With it officially now less that a week away until lights out at Australia, maybe its time to fire up 2017 teammate threads to start discussing how our drivers are going to do given the rule changes this year.

From what I have guaged so far it seems to me many think Vettal is going to set himself well ahead of Kimi this year unlike last year where it was quite close in the end. Personally I am not so sure Vettel will have it so easy, I think kimi might surprise a few. For some reason I have it in my mind that over previous years the tyres have always been an extra handicap against Kimi given he seems to like longer stints.

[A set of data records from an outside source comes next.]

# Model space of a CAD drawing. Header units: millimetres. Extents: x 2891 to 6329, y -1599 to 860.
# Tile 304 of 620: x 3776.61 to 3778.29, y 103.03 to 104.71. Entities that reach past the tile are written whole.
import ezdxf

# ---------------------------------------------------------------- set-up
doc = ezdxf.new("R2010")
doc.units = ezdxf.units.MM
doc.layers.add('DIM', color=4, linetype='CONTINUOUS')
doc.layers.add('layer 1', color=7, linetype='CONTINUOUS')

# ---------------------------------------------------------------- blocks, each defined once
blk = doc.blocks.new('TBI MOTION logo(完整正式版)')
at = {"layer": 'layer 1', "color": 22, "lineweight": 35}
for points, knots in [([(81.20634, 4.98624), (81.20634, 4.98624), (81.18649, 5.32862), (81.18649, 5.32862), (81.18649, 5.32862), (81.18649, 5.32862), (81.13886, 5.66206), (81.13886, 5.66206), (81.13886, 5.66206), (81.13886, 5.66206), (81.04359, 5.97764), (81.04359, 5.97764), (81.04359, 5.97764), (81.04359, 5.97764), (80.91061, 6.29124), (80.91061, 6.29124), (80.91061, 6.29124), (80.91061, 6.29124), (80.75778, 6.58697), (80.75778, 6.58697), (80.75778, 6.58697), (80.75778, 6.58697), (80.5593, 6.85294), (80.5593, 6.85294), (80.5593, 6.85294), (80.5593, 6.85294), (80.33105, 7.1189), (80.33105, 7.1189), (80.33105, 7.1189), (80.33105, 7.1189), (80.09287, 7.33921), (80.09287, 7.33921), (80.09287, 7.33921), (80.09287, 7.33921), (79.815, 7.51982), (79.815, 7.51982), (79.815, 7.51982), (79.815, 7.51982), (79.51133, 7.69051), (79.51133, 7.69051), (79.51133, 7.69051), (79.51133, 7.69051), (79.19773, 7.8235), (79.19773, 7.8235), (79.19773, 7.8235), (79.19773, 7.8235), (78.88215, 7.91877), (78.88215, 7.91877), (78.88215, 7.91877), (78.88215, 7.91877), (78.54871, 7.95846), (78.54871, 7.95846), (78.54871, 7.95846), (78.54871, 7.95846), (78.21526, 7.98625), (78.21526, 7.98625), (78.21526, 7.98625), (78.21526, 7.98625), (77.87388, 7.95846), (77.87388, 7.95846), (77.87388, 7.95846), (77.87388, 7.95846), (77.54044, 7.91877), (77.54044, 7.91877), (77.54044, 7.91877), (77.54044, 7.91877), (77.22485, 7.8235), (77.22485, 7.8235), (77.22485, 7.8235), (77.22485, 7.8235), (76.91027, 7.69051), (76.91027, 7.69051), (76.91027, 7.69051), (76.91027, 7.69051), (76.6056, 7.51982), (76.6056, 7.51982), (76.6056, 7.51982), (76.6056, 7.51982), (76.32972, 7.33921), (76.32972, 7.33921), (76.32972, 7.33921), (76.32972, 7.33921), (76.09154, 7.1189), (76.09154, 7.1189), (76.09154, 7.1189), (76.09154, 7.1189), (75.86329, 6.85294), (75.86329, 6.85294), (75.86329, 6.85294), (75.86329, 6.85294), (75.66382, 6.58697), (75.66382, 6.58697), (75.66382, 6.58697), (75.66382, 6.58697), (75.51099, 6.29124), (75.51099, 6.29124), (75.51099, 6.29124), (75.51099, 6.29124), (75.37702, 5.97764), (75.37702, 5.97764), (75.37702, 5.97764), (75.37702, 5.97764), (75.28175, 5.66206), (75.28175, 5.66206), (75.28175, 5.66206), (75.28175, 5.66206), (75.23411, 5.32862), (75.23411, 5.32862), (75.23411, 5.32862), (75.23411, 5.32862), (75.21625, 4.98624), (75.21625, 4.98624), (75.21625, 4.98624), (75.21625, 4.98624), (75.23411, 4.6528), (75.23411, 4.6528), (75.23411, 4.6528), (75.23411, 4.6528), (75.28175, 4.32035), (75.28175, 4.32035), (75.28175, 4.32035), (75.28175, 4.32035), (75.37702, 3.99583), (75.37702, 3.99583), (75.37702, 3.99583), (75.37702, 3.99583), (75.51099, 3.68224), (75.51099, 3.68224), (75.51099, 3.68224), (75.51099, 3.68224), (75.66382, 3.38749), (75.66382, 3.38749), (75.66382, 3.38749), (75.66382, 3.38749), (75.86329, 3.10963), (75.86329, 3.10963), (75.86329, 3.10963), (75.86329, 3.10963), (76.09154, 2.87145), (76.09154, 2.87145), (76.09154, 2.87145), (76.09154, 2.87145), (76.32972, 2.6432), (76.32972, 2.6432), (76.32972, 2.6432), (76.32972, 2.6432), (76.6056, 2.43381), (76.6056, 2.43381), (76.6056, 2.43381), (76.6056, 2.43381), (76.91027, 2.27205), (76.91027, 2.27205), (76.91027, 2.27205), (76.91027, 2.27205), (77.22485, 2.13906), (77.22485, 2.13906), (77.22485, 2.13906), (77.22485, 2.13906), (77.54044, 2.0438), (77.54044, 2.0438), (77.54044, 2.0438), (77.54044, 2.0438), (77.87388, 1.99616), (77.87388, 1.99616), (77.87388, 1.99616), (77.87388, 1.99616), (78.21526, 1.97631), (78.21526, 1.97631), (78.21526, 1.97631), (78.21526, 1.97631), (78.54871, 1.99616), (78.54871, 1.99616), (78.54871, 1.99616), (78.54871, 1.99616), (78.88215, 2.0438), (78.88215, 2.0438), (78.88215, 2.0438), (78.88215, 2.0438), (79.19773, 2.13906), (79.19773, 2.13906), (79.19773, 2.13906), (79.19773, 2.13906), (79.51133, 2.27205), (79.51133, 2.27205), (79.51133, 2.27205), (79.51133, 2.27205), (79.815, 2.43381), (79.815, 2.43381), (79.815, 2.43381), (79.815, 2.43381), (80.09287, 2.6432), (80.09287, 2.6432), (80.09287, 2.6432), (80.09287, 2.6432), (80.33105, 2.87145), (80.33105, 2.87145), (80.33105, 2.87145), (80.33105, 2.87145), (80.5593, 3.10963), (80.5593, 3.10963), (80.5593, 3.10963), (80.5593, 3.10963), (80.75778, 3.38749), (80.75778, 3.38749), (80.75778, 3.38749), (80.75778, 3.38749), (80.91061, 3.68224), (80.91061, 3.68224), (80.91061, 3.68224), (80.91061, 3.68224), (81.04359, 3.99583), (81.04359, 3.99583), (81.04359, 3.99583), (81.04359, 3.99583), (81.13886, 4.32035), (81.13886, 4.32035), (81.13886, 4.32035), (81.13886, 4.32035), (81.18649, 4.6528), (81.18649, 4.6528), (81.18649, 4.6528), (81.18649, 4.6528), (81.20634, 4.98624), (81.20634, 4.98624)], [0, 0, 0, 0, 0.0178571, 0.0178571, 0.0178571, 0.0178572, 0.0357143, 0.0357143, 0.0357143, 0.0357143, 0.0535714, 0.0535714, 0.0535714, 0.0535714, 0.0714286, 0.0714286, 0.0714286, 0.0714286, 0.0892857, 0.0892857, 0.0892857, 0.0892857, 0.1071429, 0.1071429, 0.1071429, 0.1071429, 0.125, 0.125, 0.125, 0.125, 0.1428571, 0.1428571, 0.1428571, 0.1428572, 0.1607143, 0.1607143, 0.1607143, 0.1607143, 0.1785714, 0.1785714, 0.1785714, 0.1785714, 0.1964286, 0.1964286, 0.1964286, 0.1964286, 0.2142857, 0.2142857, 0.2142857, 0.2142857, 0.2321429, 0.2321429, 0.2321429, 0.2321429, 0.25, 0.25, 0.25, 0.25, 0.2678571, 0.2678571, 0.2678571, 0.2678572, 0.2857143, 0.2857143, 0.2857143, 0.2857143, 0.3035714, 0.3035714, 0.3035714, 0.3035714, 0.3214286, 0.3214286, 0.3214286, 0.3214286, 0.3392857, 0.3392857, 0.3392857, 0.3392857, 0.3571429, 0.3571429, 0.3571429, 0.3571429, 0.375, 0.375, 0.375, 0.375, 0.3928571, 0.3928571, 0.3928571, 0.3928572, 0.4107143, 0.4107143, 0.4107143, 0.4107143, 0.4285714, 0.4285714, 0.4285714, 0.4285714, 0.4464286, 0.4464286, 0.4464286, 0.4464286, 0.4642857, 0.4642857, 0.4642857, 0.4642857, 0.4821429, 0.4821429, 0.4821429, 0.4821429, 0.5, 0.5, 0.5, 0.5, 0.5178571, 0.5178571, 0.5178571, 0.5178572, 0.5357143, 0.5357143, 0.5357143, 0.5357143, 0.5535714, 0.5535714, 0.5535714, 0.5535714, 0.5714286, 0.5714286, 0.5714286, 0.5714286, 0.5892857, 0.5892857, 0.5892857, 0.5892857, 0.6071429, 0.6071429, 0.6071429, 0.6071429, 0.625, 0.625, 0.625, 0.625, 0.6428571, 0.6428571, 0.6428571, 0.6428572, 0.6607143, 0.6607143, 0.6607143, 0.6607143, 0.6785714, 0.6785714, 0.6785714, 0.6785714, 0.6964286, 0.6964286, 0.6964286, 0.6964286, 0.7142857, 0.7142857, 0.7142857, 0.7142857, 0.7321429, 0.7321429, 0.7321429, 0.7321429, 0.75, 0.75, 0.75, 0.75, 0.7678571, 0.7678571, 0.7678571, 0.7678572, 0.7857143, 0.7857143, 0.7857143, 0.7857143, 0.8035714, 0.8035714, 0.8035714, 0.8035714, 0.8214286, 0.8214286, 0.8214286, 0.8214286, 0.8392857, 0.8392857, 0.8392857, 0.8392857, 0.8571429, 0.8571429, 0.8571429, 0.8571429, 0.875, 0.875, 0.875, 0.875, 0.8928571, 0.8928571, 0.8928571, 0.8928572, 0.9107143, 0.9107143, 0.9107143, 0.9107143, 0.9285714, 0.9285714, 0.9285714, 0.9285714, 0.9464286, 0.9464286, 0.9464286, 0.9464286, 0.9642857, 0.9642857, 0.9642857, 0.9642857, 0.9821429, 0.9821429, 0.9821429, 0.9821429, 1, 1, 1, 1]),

We saw it many times Kimi staying out on tyres and then get punished for it. I don't see that happening this year (or at least not as much) given the new perelli rubber, and that can only be a good thing as far as Kimi is concerned.


----------



## playallnite (May 24, 2017)

Vettel drives with his brain, Kimi drives with his heart,tough choice.


----------



## MMJ Dreaming 99 (Oct 5, 2017)

playallnite said:


> Vettel drives with his brain, Kimi drives with his heart,tough choice.


Go to youtube with videos of Kimi going through Eau Rouge at Spa. One was a side by side pass with Schumacher.


----------